### Problem
Every line below from the one containing "#7317 = CARTESIAN_POINT" through the one containing "#8038 = FACE_BOUND ( 'NONE', #16535, .T. ) ;" must be transcribed exactly. Omit all lines outside that stretch.

─── Task input ───

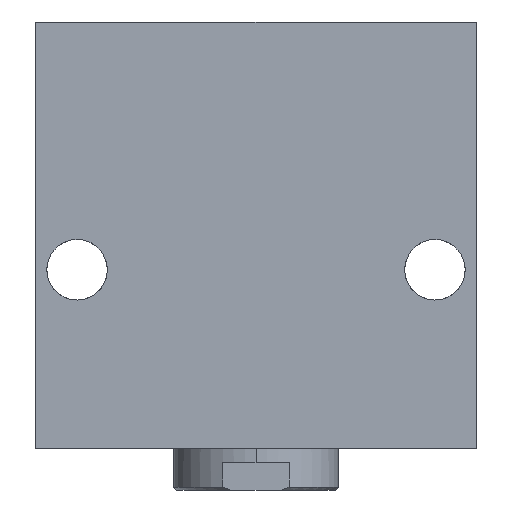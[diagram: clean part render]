
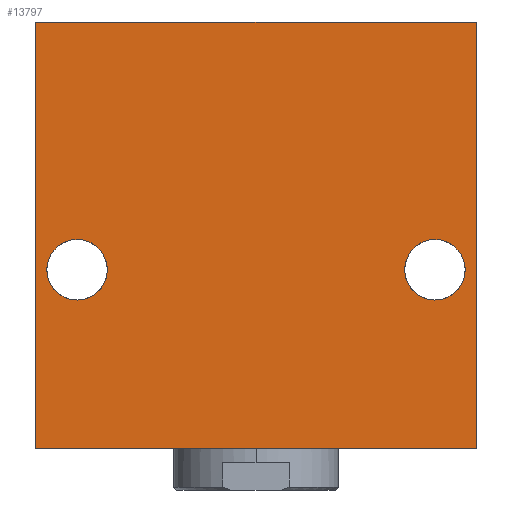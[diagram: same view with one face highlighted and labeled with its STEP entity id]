
A CAD part, front view. The second image highlights one B-rep face of the part: STEP entity #13797.
In plain terms, the highlighted planar face has unit normal (0, -1, 0).
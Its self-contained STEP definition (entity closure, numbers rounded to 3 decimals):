
#27 = VECTOR ( 'NONE', #7257, 1000. ) ;
#68 = ORIENTED_EDGE ( 'NONE', *, *, #383, .T. ) ;
#383 = EDGE_CURVE ( 'NONE', #12375, #11026, #4641, .T. ) ;
#387 = AXIS2_PLACEMENT_3D ( 'NONE', #13896, #6268, #15172 ) ;
#872 = CARTESIAN_POINT ( 'NONE',  ( 80., 0., -77.5 ) ) ;
#931 = ORIENTED_EDGE ( 'NONE', *, *, #13204, .F. ) ;
#979 = VECTOR ( 'NONE', #1101, 1000. ) ;
#981 = VERTEX_POINT ( 'NONE', #8654 ) ;
#1087 = CARTESIAN_POINT ( 'NONE',  ( 65., 0., -23.5 ) ) ;
#1089 = VERTEX_POINT ( 'NONE', #11399 ) ;
#1101 = DIRECTION ( 'NONE',  ( -1., 0., 0. ) ) ;
#1196 = AXIS2_PLACEMENT_3D ( 'NONE', #14161, #6565, #15460 ) ;
#1756 = VECTOR ( 'NONE', #9042, 1000. ) ;
#2015 = CARTESIAN_POINT ( 'NONE',  ( 80., 0., -77.5 ) ) ;
#2590 = VERTEX_POINT ( 'NONE', #8588 ) ;
#2822 = ORIENTED_EDGE ( 'NONE', *, *, #16563, .T. ) ;
#2839 = DIRECTION ( 'NONE',  ( 0., 0., 1. ) ) ;
#3115 = AXIS2_PLACEMENT_3D ( 'NONE', #3883, #13019, #5313 ) ;
#3193 = EDGE_CURVE ( 'NONE', #1089, #7614, #4143, .T. ) ;
#3468 = ORIENTED_EDGE ( 'NONE', *, *, #12380, .T. ) ;
#3713 = ORIENTED_EDGE ( 'NONE', *, *, #16649, .F. ) ;
#3883 = CARTESIAN_POINT ( 'NONE',  ( -65., 0., -12.5 ) ) ;
#4065 = EDGE_LOOP ( 'NONE', ( #12219, #931, #3713, #9930 ) ) ;
#4143 = LINE ( 'NONE', #7317, #27 ) ;
#4641 = CIRCLE ( 'NONE', #1196, 11. ) ;
#4685 = LINE ( 'NONE', #7807, #979 ) ;
#5313 = DIRECTION ( 'NONE',  ( 0., 0., 1. ) ) ;
#5398 = DIRECTION ( 'NONE',  ( 0., 1., 0. ) ) ;
#5500 = LINE ( 'NONE', #872, #1756 ) ;
#5699 = CARTESIAN_POINT ( 'NONE',  ( -80., 0., -77.5 ) ) ;
#5866 = PLANE ( 'NONE',  #10574 ) ;
#6150 = DIRECTION ( 'NONE',  ( 0., 1., 0. ) ) ;
#6268 = DIRECTION ( 'NONE',  ( 0., 1., 0. ) ) ;
#6565 = DIRECTION ( 'NONE',  ( 0., 1., 0. ) ) ;
#6638 = CIRCLE ( 'NONE', #9267, 11. ) ;
#6696 = CARTESIAN_POINT ( 'NONE',  ( 65., 0., -1.5 ) ) ;
#7257 = DIRECTION ( 'NONE',  ( 1., 0., 0. ) ) ;
#7317 = CARTESIAN_POINT ( 'NONE',  ( -80., 0., 77.5 ) ) ;
#7448 = ORIENTED_EDGE ( 'NONE', *, *, #11572, .T. ) ;
#7614 = VERTEX_POINT ( 'NONE', #13853 ) ;
#7807 = CARTESIAN_POINT ( 'NONE',  ( -80., 0., -77.5 ) ) ;
#8038 = FACE_BOUND ( 'NONE', #16535, .T. ) ;
#8588 = CARTESIAN_POINT ( 'NONE',  ( -80., 0., -77.5 ) ) ;
#8654 = CARTESIAN_POINT ( 'NONE',  ( -65., 0., -23.5 ) ) ;
#8905 = CARTESIAN_POINT ( 'NONE',  ( -65., 0., -1.5 ) ) ;
#9042 = DIRECTION ( 'NONE',  ( 0., 0., -1. ) ) ;
#9267 = AXIS2_PLACEMENT_3D ( 'NONE', #13098, #5398, #14333 ) ;
#9562 = EDGE_CURVE ( 'NONE', #2590, #1089, #13822, .T. ) ;
#9930 = ORIENTED_EDGE ( 'NONE', *, *, #3193, .F. ) ;
#10574 = AXIS2_PLACEMENT_3D ( 'NONE', #14775, #6150, #15062 ) ;
#10888 = CIRCLE ( 'NONE', #3115, 11. ) ;
#11026 = VERTEX_POINT ( 'NONE', #6696 ) ;
#11058 = FACE_BOUND ( 'NONE', #12362, .T. ) ;
#11399 = CARTESIAN_POINT ( 'NONE',  ( -80., 0., 77.5 ) ) ;
#11572 = EDGE_CURVE ( 'NONE', #11026, #12375, #6638, .T. ) ;
#12219 = ORIENTED_EDGE ( 'NONE', *, *, #9562, .F. ) ;
#12362 = EDGE_LOOP ( 'NONE', ( #3468, #2822 ) ) ;
#12366 = CIRCLE ( 'NONE', #387, 11. ) ;
#12375 = VERTEX_POINT ( 'NONE', #1087 ) ;
#12380 = EDGE_CURVE ( 'NONE', #14219, #981, #10888, .T. ) ;
#12673 = VECTOR ( 'NONE', #2839, 1000. ) ;
#13019 = DIRECTION ( 'NONE',  ( 0., 1., 0. ) ) ;
#13098 = CARTESIAN_POINT ( 'NONE',  ( 65., 0., -12.5 ) ) ;
#13204 = EDGE_CURVE ( 'NONE', #14698, #2590, #4685, .T. ) ;
#13797 = ADVANCED_FACE ( 'NONE', ( #11058, #8038, #14343 ), #5866, .F. ) ;
#13822 = LINE ( 'NONE', #5699, #12673 ) ;
#13853 = CARTESIAN_POINT ( 'NONE',  ( 80., 0., 77.5 ) ) ;
#13896 = CARTESIAN_POINT ( 'NONE',  ( -65., 0., -12.5 ) ) ;
#14161 = CARTESIAN_POINT ( 'NONE',  ( 65., 0., -12.5 ) ) ;
#14219 = VERTEX_POINT ( 'NONE', #8905 ) ;
#14333 = DIRECTION ( 'NONE',  ( 0., 0., 1. ) ) ;
#14343 = FACE_OUTER_BOUND ( 'NONE', #4065, .T. ) ;
#14698 = VERTEX_POINT ( 'NONE', #2015 ) ;
#14775 = CARTESIAN_POINT ( 'NONE',  ( 0., 0., 0. ) ) ;
#15062 = DIRECTION ( 'NONE',  ( 0., 0., 1. ) ) ;
#15172 = DIRECTION ( 'NONE',  ( 0., 0., 1. ) ) ;
#15460 = DIRECTION ( 'NONE',  ( 0., 0., 1. ) ) ;
#16535 = EDGE_LOOP ( 'NONE', ( #7448, #68 ) ) ;
#16563 = EDGE_CURVE ( 'NONE', #981, #14219, #12366, .T. ) ;
#16649 = EDGE_CURVE ( 'NONE', #7614, #14698, #5500, .T. ) ;

───

### Output for this exercise
#7317 = CARTESIAN_POINT ( 'NONE',  ( -80., 0., 77.5 ) ) ;
#7448 = ORIENTED_EDGE ( 'NONE', *, *, #11572, .T. ) ;
#7614 = VERTEX_POINT ( 'NONE', #13853 ) ;
#7807 = CARTESIAN_POINT ( 'NONE',  ( -80., 0., -77.5 ) ) ;
#8038 = FACE_BOUND ( 'NONE', #16535, .T. ) ;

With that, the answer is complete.